Reputation: 109
I forgot how to move the all the columns in dataframe to first of dataframe in A PANDAS WAY. -> I wish to add another function where it could also calculate how many columns there are and then assign the name for the new column names.
Example:
df = pd.DataFrame({'a': [1,2,3,4,5,6],
'b': [2,3,4,5,6,7],
'c': [2,3,4,5,6,7],
'd': [2,3,4,5,6,7],
'e': [2,3,4,5,6,7]})
Current output:
a b c d e
0 1 2 2 2 2
1 2 3 3 3 3
2 3 4 4 4 4
3 4 5 5 5 5
4 5 6 6 6 6
5 6 7 7 7 7
Expected output:
Q1.1 Q1.2 Q1.3 Q1.4 Q1.5
0 a b c d e
1 1 2 2 2 2
2 2 3 3 3 3
3 3 4 4 4 4
4 4 5 5 5 5
5 5 6 6 6 6
6 6 7 7 7 7
Please if possible, I wish to learn more pandas ways of processing frame so please use as much pandas ways as possible.
Upvotes: 1
Views: 9173
Reputation: 20669
You can use np.vstack
# Use `df.to_numpy() instead of `df.values` mentioned in the docs.
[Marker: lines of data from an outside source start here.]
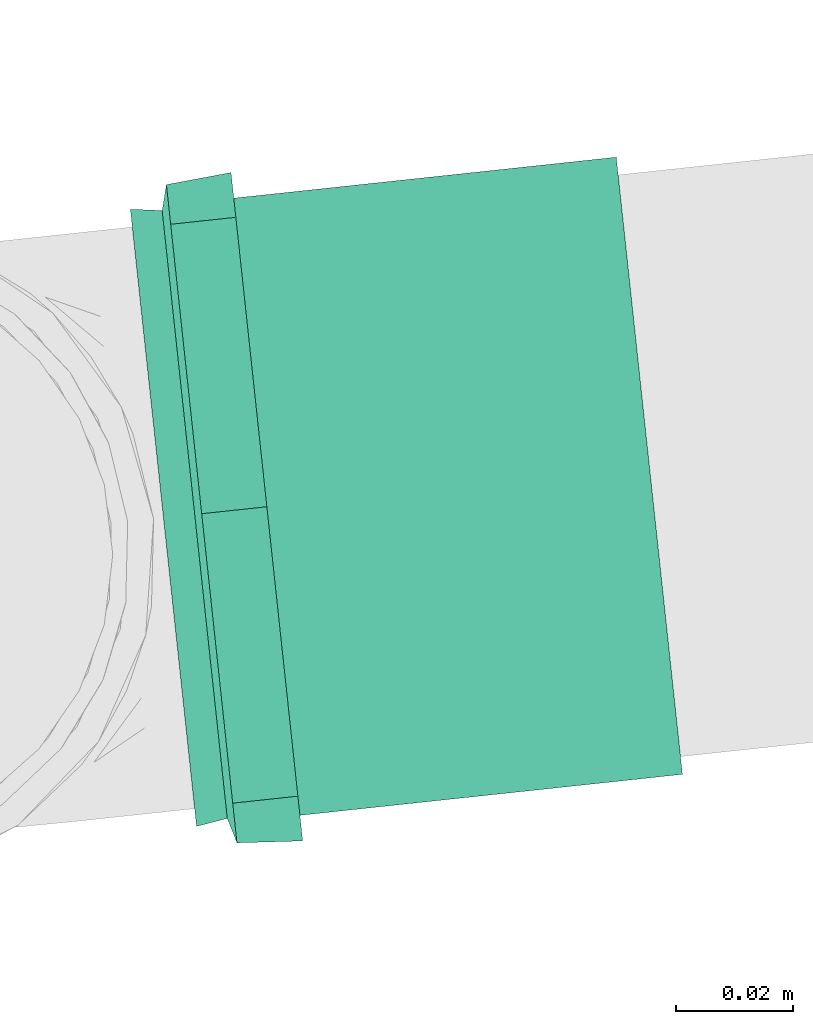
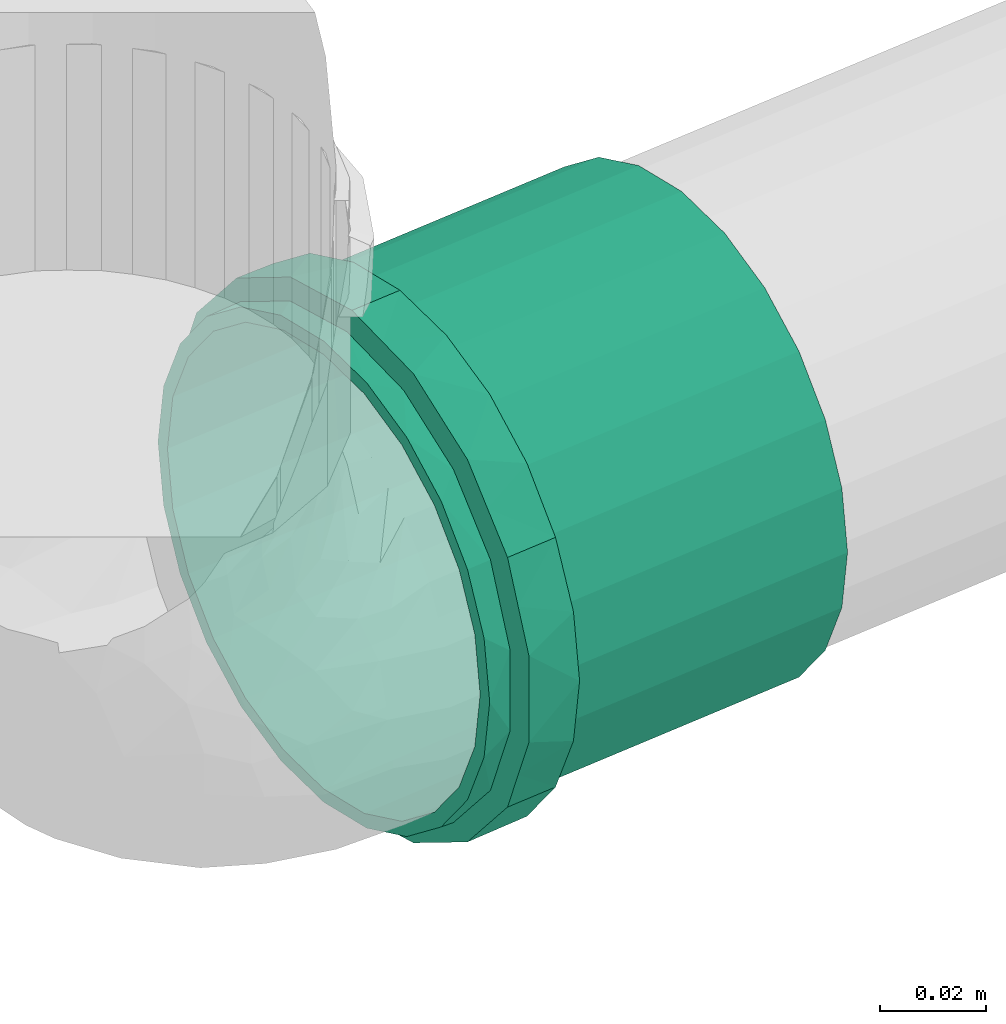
# One storey, part 37 of 97: 1 flow fitting.
"""IFC2X3 building model written with IfcOpenShell, lengths in centimetres."""

from ifc_helpers import new_model, entity, si_unit, converted_unit, derived_unit, direction, frame, origin, place, context, subcontext, project, spatial, faceted_brep, source, transform, mapped, material, type_object, type_shapes, element, save


model = new_model("IFC2X3")

# Units and contexts
model_context = context("Model", 3, precision=0.001, world=origin(), true_north=direction((6.12303176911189e-17, 1.0)))
body_context = subcontext(model_context, "Body", "Model", "MODEL_VIEW")
ifc_project = project(units=[si_unit("LENGTHUNIT", "METRE", prefix="CENTI"), si_unit("AREAUNIT", "SQUARE_METRE"), si_unit("VOLUMEUNIT", "CUBIC_METRE"), converted_unit("PLANEANGLEUNIT", "DEGREE", entity("IfcRatioMeasure", 0.0174532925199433), si_unit("PLANEANGLEUNIT", "RADIAN"), dimensions=[0, 0, 0, 0, 0, 0, 0]), si_unit("MASSUNIT", "GRAM", prefix="KILO"), derived_unit("MASSDENSITYUNIT", [(si_unit("MASSUNIT", "GRAM", prefix="KILO"), 1), (si_unit("LENGTHUNIT", "METRE"), -3)]), derived_unit("MOMENTOFINERTIAUNIT", [(si_unit("LENGTHUNIT", "METRE"), 4)]), si_unit("TIMEUNIT", "SECOND"), si_unit("FREQUENCYUNIT", "HERTZ"), si_unit("THERMODYNAMICTEMPERATUREUNIT", "DEGREE_CELSIUS"), derived_unit("THERMALTRANSMITTANCEUNIT", [(si_unit("MASSUNIT", "GRAM", prefix="KILO"), 1), (si_unit("THERMODYNAMICTEMPERATUREUNIT", "KELVIN"), -1), (si_unit("TIMEUNIT", "SECOND"), -3)]), derived_unit("VOLUMETRICFLOWRATEUNIT", [(si_unit("LENGTHUNIT", "METRE"), 3), (si_unit("TIMEUNIT", "SECOND"), -1)]), si_unit("ELECTRICCURRENTUNIT", "AMPERE"), si_unit("ELECTRICVOLTAGEUNIT", "VOLT"), si_unit("POWERUNIT", "WATT"), si_unit("FORCEUNIT", "NEWTON", prefix="KILO"), si_unit("ILLUMINANCEUNIT", "LUX"), si_unit("LUMINOUSFLUXUNIT", "LUMEN"), si_unit("LUMINOUSINTENSITYUNIT", "CANDELA"), derived_unit("USERDEFINED", [(si_unit("MASSUNIT", "GRAM", prefix="KILO"), -1), (si_unit("LENGTHUNIT", "METRE"), -2), (si_unit("TIMEUNIT", "SECOND"), 3), (si_unit("LUMINOUSFLUXUNIT", "LUMEN"), 1)]), derived_unit("LINEARVELOCITYUNIT", [(si_unit("LENGTHUNIT", "METRE"), 1), (si_unit("TIMEUNIT", "SECOND"), -1)]), si_unit("PRESSUREUNIT", "PASCAL"), derived_unit("USERDEFINED", [(si_unit("LENGTHUNIT", "METRE"), -2), (si_unit("MASSUNIT", "GRAM", prefix="KILO"), 1), (si_unit("TIMEUNIT", "SECOND"), -2)]), derived_unit("LINEARFORCEUNIT", [(si_unit("MASSUNIT", "GRAM", prefix="KILO"), 1), (si_unit("LENGTHUNIT", "METRE"), 1), (si_unit("TIMEUNIT", "SECOND"), -2), (si_unit("LENGTHUNIT", "METRE"), -1)]), derived_unit("PLANARFORCEUNIT", [(si_unit("MASSUNIT", "GRAM", prefix="KILO"), 1), (si_unit("LENGTHUNIT", "METRE"), 1), (si_unit("TIMEUNIT", "SECOND"), -2), (si_unit("LENGTHUNIT", "METRE"), -2)])], contexts=[model_context])

# Site, building, storey
site_placement = place(None, origin())
site = spatial("IfcSite", under=ifc_project, at=site_placement, Name="Default", CompositionType="ELEMENT")
building_placement = place(site_placement, origin())
building = spatial("IfcBuilding", under=site, at=building_placement, Name="HIDROSSANITÁRIO", CompositionType="ELEMENT")
storey_placement = place(building_placement, frame((0.0, 0.0, -260.0)))
storey = spatial("IfcBuildingStorey", under=building, at=storey_placement, Name="TÉRREO-HID", CompositionType="ELEMENT", Elevation=-260.0)

# Flow fitting
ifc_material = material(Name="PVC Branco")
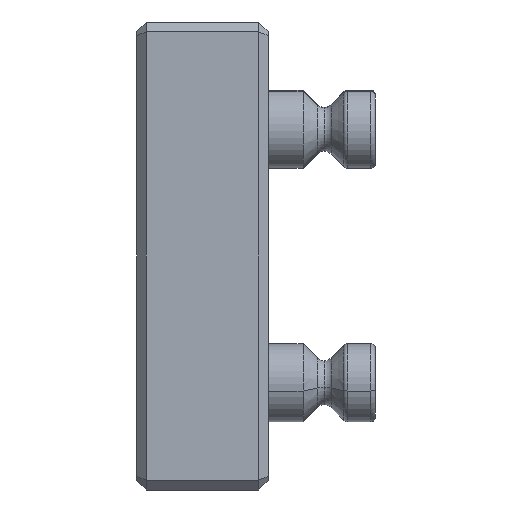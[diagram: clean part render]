
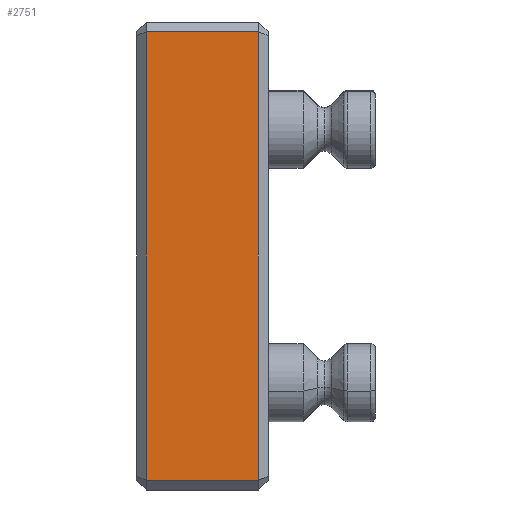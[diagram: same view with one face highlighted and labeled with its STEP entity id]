
A CAD part, left-side view. The second image highlights one B-rep face of the part: STEP entity #2751.
In plain terms, the highlighted planar face has unit normal (-1, 0, 0).
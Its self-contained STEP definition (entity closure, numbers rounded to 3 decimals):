
#641 = VECTOR ( 'NONE', #2361, 1000. ) ;
#643 = VECTOR ( 'NONE', #2358, 1000. ) ;
#646 = VECTOR ( 'NONE', #2355, 1000. ) ;
#1047 = VECTOR ( 'NONE', #1308, 1000. ) ;
#1132 = AXIS2_PLACEMENT_3D ( 'NONE', #3198, #3209, #3210 ) ;
#1280 = LINE ( 'NONE', #1307, #1047 ) ;
#1307 = CARTESIAN_POINT ( 'NONE',  ( -48., 2., 46. ) ) ;
#1308 = DIRECTION ( 'NONE',  ( 0., 0., 1. ) ) ;
#1398 = CARTESIAN_POINT ( 'NONE',  ( -48., 2., -46. ) ) ;
#1505 = CARTESIAN_POINT ( 'NONE',  ( -48., 25., -46. ) ) ;
#1521 = CARTESIAN_POINT ( 'NONE',  ( -48., 25., 46. ) ) ;
#1614 = CARTESIAN_POINT ( 'NONE',  ( -48., 2., 46. ) ) ;
#1791 = EDGE_LOOP ( 'NONE', ( #3961, #3919, #3965, #3894 ) ) ;
#2325 = CARTESIAN_POINT ( 'NONE',  ( -48., 27., 46. ) ) ;
#2330 = LINE ( 'NONE', #2325, #646 ) ;
#2355 = DIRECTION ( 'NONE',  ( 0., 1., 0. ) ) ;
#2356 = LINE ( 'NONE', #2357, #643 ) ;
#2357 = CARTESIAN_POINT ( 'NONE',  ( -48., 25., 48. ) ) ;
#2358 = DIRECTION ( 'NONE',  ( 0., 0., -1. ) ) ;
#2359 = LINE ( 'NONE', #2360, #641 ) ;
#2360 = CARTESIAN_POINT ( 'NONE',  ( -48., 27., -46. ) ) ;
#2361 = DIRECTION ( 'NONE',  ( 0., -1., 0. ) ) ;
#2751 = ADVANCED_FACE ( 'NONE', ( #3205 ), #3206, .F. ) ;
#2806 = EDGE_CURVE ( 'NONE', #4450, #4717, #1280, .T. ) ;
#3198 = CARTESIAN_POINT ( 'NONE',  ( -48., 27., 48. ) ) ;
#3205 = FACE_OUTER_BOUND ( 'NONE', #1791, .T. ) ;
#3206 = PLANE ( 'NONE',  #1132 ) ;
#3209 = DIRECTION ( 'NONE',  ( 1., 0., 0. ) ) ;
#3210 = DIRECTION ( 'NONE',  ( 0., -1., 0. ) ) ;
#3589 = EDGE_CURVE ( 'NONE', #4717, #4624, #2330, .T. ) ;
#3590 = EDGE_CURVE ( 'NONE', #4624, #4608, #2356, .T. ) ;
#3591 = EDGE_CURVE ( 'NONE', #4608, #4450, #2359, .T. ) ;
#3894 = ORIENTED_EDGE ( 'NONE', *, *, #2806, .T. ) ;
#3919 = ORIENTED_EDGE ( 'NONE', *, *, #3590, .T. ) ;
#3961 = ORIENTED_EDGE ( 'NONE', *, *, #3589, .T. ) ;
#3965 = ORIENTED_EDGE ( 'NONE', *, *, #3591, .T. ) ;
#4450 = VERTEX_POINT ( 'NONE', #1398 ) ;
#4608 = VERTEX_POINT ( 'NONE', #1505 ) ;
#4624 = VERTEX_POINT ( 'NONE', #1521 ) ;
#4717 = VERTEX_POINT ( 'NONE', #1614 ) ;
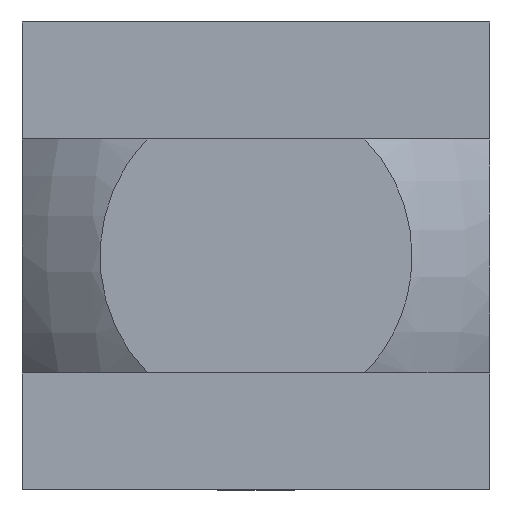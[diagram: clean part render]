
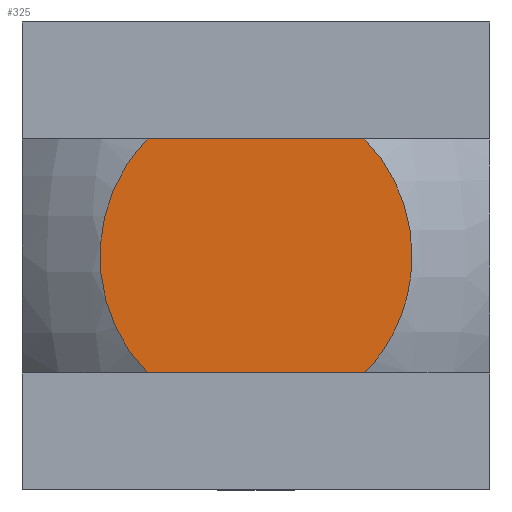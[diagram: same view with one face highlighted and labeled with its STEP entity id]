
A CAD part, left-side view. The second image highlights one B-rep face of the part: STEP entity #325.
In plain terms, the highlighted planar face has unit normal (-1, 0, 0).
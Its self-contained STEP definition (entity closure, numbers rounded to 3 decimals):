
#16 = CARTESIAN_POINT ( 'NONE',  ( -10.5, -2.303, 1.416 ) ) ;
#19 = VECTOR ( 'NONE', #20, 1000. ) ;
#20 = DIRECTION ( 'NONE',  ( 0., 1., 0. ) ) ;
#22 = B_SPLINE_CURVE_WITH_KNOTS ( 'NONE', 3,
 ( #44, #43, #42, #16, #30, #34, #33, #32, #31, #29, #28, #27, #26, #25, #24, #23 ),
 .UNSPECIFIED., .F., .F.,
 ( 4, 2, 2, 2, 2, 2, 2, 4 ),
 ( 0.015, 0.015, 0.016, 0.017, 0.018, 0.018, 0.019, 0.019 ),
 .UNSPECIFIED. ) ;
#23 = CARTESIAN_POINT ( 'NONE',  ( -10.5, -1.856, -2. ) ) ;
#24 = CARTESIAN_POINT ( 'NONE',  ( -10.5, -1.985, -1.869 ) ) ;
#25 = CARTESIAN_POINT ( 'NONE',  ( -10.5, -2.102, -1.723 ) ) ;
#26 = CARTESIAN_POINT ( 'NONE',  ( -10.5, -2.303, -1.415 ) ) ;
#27 = CARTESIAN_POINT ( 'NONE',  ( -10.5, -2.388, -1.253 ) ) ;
#28 = CARTESIAN_POINT ( 'NONE',  ( -10.5, -2.526, -0.91 ) ) ;
#29 = CARTESIAN_POINT ( 'NONE',  ( -10.5, -2.579, -0.731 ) ) ;
#30 = CARTESIAN_POINT ( 'NONE',  ( -10.5, -2.389, 1.251 ) ) ;
#31 = CARTESIAN_POINT ( 'NONE',  ( -10.5, -2.649, -0.371 ) ) ;
#32 = CARTESIAN_POINT ( 'NONE',  ( -10.5, -2.667, -0.188 ) ) ;
#33 = CARTESIAN_POINT ( 'NONE',  ( -10.5, -2.667, 0.37 ) ) ;
#34 = CARTESIAN_POINT ( 'NONE',  ( -10.5, -2.595, 0.74 ) ) ;
#40 = CARTESIAN_POINT ( 'NONE',  ( -10.5, 2.102, -1.723 ) ) ;
#41 = CARTESIAN_POINT ( 'NONE',  ( -10.5, 1.986, -1.868 ) ) ;
#42 = CARTESIAN_POINT ( 'NONE',  ( -10.5, -2.1, 1.726 ) ) ;
#43 = CARTESIAN_POINT ( 'NONE',  ( -10.5, -1.985, 1.869 ) ) ;
#44 = CARTESIAN_POINT ( 'NONE',  ( -10.5, -1.856, 2. ) ) ;
#45 = CARTESIAN_POINT ( 'NONE',  ( -10.5, -4., 2. ) ) ;
#46 = LINE ( 'NONE', #45, #19 ) ;
#48 = CARTESIAN_POINT ( 'NONE',  ( -10.5, -1.856, 2. ) ) ;
#49 = VECTOR ( 'NONE', #58, 1000. ) ;
#50 = CARTESIAN_POINT ( 'NONE',  ( -10.5, -4., -2. ) ) ;
#51 = LINE ( 'NONE', #50, #49 ) ;
#52 = CARTESIAN_POINT ( 'NONE',  ( -10.5, 1.856, 2. ) ) ;
#53 = CARTESIAN_POINT ( 'NONE',  ( -10.5, 2.113, 1.739 ) ) ;
#54 = CARTESIAN_POINT ( 'NONE',  ( -10.5, 2.32, 1.421 ) ) ;
#55 = CARTESIAN_POINT ( 'NONE',  ( -10.5, 2.526, 0.911 ) ) ;
#56 = CARTESIAN_POINT ( 'NONE',  ( -10.5, 1.856, -2. ) ) ;
#57 = CARTESIAN_POINT ( 'NONE',  ( -10.5, -1.856, -2. ) ) ;
#58 = DIRECTION ( 'NONE',  ( 0., 1., 0. ) ) ;
#59 = CARTESIAN_POINT ( 'NONE',  ( -10.5, 2.579, 0.732 ) ) ;
#60 = CARTESIAN_POINT ( 'NONE',  ( -10.5, 2.649, 0.369 ) ) ;
#61 = CARTESIAN_POINT ( 'NONE',  ( -10.5, 2.667, 0.186 ) ) ;
#62 = CARTESIAN_POINT ( 'NONE',  ( -10.5, 2.667, -0.182 ) ) ;
#63 = B_SPLINE_CURVE_WITH_KNOTS ( 'NONE', 3,
 ( #56, #41, #40, #70, #69, #67, #66, #65, #62, #61, #60, #59, #55, #54, #53, #52 ),
 .UNSPECIFIED., .F., .F.,
 ( 4, 2, 2, 2, 2, 2, 2, 4 ),
 ( 0.006, 0.007, 0.007, 0.008, 0.009, 0.009, 0.01, 0.011 ),
 .UNSPECIFIED. ) ;
#64 = CARTESIAN_POINT ( 'NONE',  ( -10.5, 1.856, -2. ) ) ;
#65 = CARTESIAN_POINT ( 'NONE',  ( -10.5, 2.649, -0.369 ) ) ;
#66 = CARTESIAN_POINT ( 'NONE',  ( -10.5, 2.579, -0.73 ) ) ;
#67 = CARTESIAN_POINT ( 'NONE',  ( -10.5, 2.527, -0.907 ) ) ;
#68 = CARTESIAN_POINT ( 'NONE',  ( -10.5, 1.856, 2. ) ) ;
#69 = CARTESIAN_POINT ( 'NONE',  ( -10.5, 2.389, -1.25 ) ) ;
#70 = CARTESIAN_POINT ( 'NONE',  ( -10.5, 2.303, -1.415 ) ) ;
#325 = ADVANCED_FACE ( 'NONE', ( #803 ), #586, .T. ) ;
#326 = EDGE_LOOP ( 'NONE', ( #327, #342, #345, #348 ) ) ;
#327 = ORIENTED_EDGE ( 'NONE', *, *, #339, .F. ) ;
#339 = EDGE_CURVE ( 'NONE', #340, #341, #63, .T. ) ;
#340 = VERTEX_POINT ( 'NONE', #64 ) ;
#341 = VERTEX_POINT ( 'NONE', #68 ) ;
#342 = ORIENTED_EDGE ( 'NONE', *, *, #343, .F. ) ;
#343 = EDGE_CURVE ( 'NONE', #344, #340, #51, .T. ) ;
#344 = VERTEX_POINT ( 'NONE', #57 ) ;
#345 = ORIENTED_EDGE ( 'NONE', *, *, #346, .F. ) ;
#346 = EDGE_CURVE ( 'NONE', #347, #344, #22, .T. ) ;
#347 = VERTEX_POINT ( 'NONE', #48 ) ;
#348 = ORIENTED_EDGE ( 'NONE', *, *, #349, .T. ) ;
#349 = EDGE_CURVE ( 'NONE', #347, #341, #46, .T. ) ;
#581 = DIRECTION ( 'NONE',  ( 0., 0., 1. ) ) ;
#582 = DIRECTION ( 'NONE',  ( -1., 0., 0. ) ) ;
#584 = CARTESIAN_POINT ( 'NONE',  ( -10.5, 4., -4. ) ) ;
#585 = AXIS2_PLACEMENT_3D ( 'NONE', #584, #582, #581 ) ;
#586 = PLANE ( 'NONE',  #585 ) ;
#803 = FACE_OUTER_BOUND ( 'NONE', #326, .T. ) ;

new_df = pd.DataFrame(np.vstack([df.columns, df.to_numpy()]),
columns = [f'Q1.{i+1}' for i in range(df.shape[1])])
Q1.1 Q1.2 Q1.3 Q1.4 Q1.5
0 a b c d e
1 1 2 2 2 2
2 2 3 3 3 3
3 3 4 4 4 4
4 4 5 5 5 5
5 5 6 6 6 6
6 6 7 7 7 7
Or
You can np.r_
here
# np.r_[[df.columns], df.to_numpy()]
pd.DataFrame(np.r_['0,2', df.columns, df.to_numpy()],
columns = [f'Q1.{i+1}' for i in range(df.shape[1])])
Q1.1 Q1.2 Q1.3 Q1.4 Q1.5
0 a b c d e
1 1 2 2 2 2
2 2 3 3 3 3
3 3 4 4 4 4
4 4 5 5 5 5
5 5 6 6 6 6
6 6 7 7 7 7
Or
Using np.concatenate
np.concatenate([[df.columns], df.values],axis=0)
You can use this if column names can start with Q1.0
and so on.
pd.DataFrame(np.vstack([df.columns, df.to_numpy()])).add_prefix('Q1.')
Q1.0 Q1.1 Q1.2 Q1.3 Q1.4
0 a b c d e
1 1 2 2 2 2
2 2 3 3 3 3
3 3 4 4 4 4
4 4 5 5 5 5
5 5 6 6 6 6
6 6 7 7 7 7
Timeit results: The df given the question is used for benchmarking
# Ansev's answer
In [98]: %%timeit
...: (df.T.reset_index().T.reset_index(drop=True)
...: .set_axis([f'Q1.{i+1}' for i in range(df.shape[1])], axis=1))
...:
1.93 ms ± 157 µs per loop (mean ± std. dev. of 7 runs, 1000 loops each)
# My answer
In [99]: %%timeit
...: pd.DataFrame(np.vstack([df.columns, df.to_numpy()]),
...: columns = [f'Q1.{i+1}' for i in range(df.shape[1])])
...:
590 µs ± 43.7 µs per loop (mean ± std. dev. of 7 runs, 1000 loops each)
Benchmarking with large dataframe of shape (1,000,000, 5)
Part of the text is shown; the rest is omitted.